**Directions**
Each line of the records containing "round" is to be copied out and returned.

-- Record extracts follows --

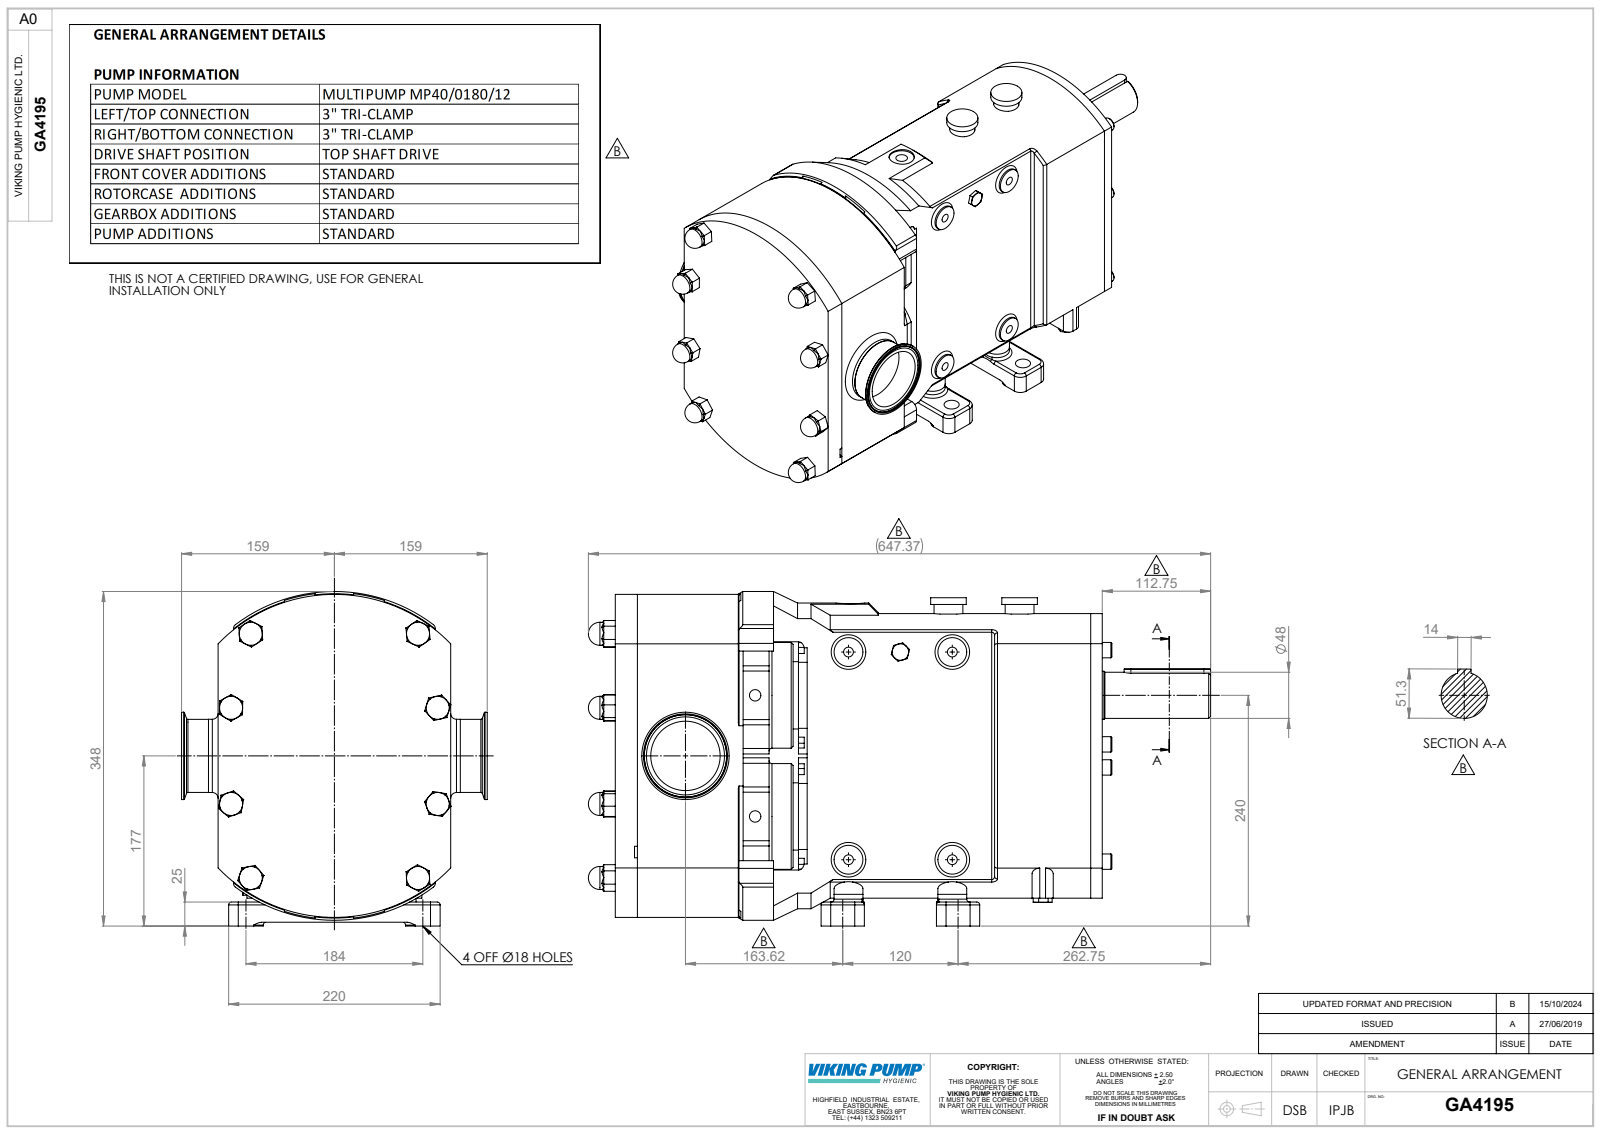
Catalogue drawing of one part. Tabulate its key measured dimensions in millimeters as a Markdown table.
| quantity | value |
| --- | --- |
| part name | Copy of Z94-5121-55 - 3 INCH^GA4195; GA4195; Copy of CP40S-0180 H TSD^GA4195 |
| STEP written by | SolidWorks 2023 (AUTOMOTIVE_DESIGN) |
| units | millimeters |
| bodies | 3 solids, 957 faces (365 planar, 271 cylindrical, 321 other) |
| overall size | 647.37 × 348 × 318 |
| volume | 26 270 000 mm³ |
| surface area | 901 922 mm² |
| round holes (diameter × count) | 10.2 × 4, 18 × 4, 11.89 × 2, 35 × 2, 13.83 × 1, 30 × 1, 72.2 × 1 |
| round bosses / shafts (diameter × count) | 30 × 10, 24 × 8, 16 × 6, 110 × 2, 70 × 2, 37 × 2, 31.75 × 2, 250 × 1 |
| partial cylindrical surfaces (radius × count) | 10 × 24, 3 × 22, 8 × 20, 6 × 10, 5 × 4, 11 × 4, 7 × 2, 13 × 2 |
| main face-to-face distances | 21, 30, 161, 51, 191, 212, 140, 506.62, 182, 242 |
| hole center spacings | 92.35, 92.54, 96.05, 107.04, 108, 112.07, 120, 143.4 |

-- Record extracts concluded --

**Exercise result**
| round holes (diameter × count) | 10.2 × 4, 18 × 4, 11.89 × 2, 35 × 2, 13.83 × 1, 30 × 1, 72.2 × 1 |
| round bosses / shafts (diameter × count) | 30 × 10, 24 × 8, 16 × 6, 110 × 2, 70 × 2, 37 × 2, 31.75 × 2, 250 × 1 |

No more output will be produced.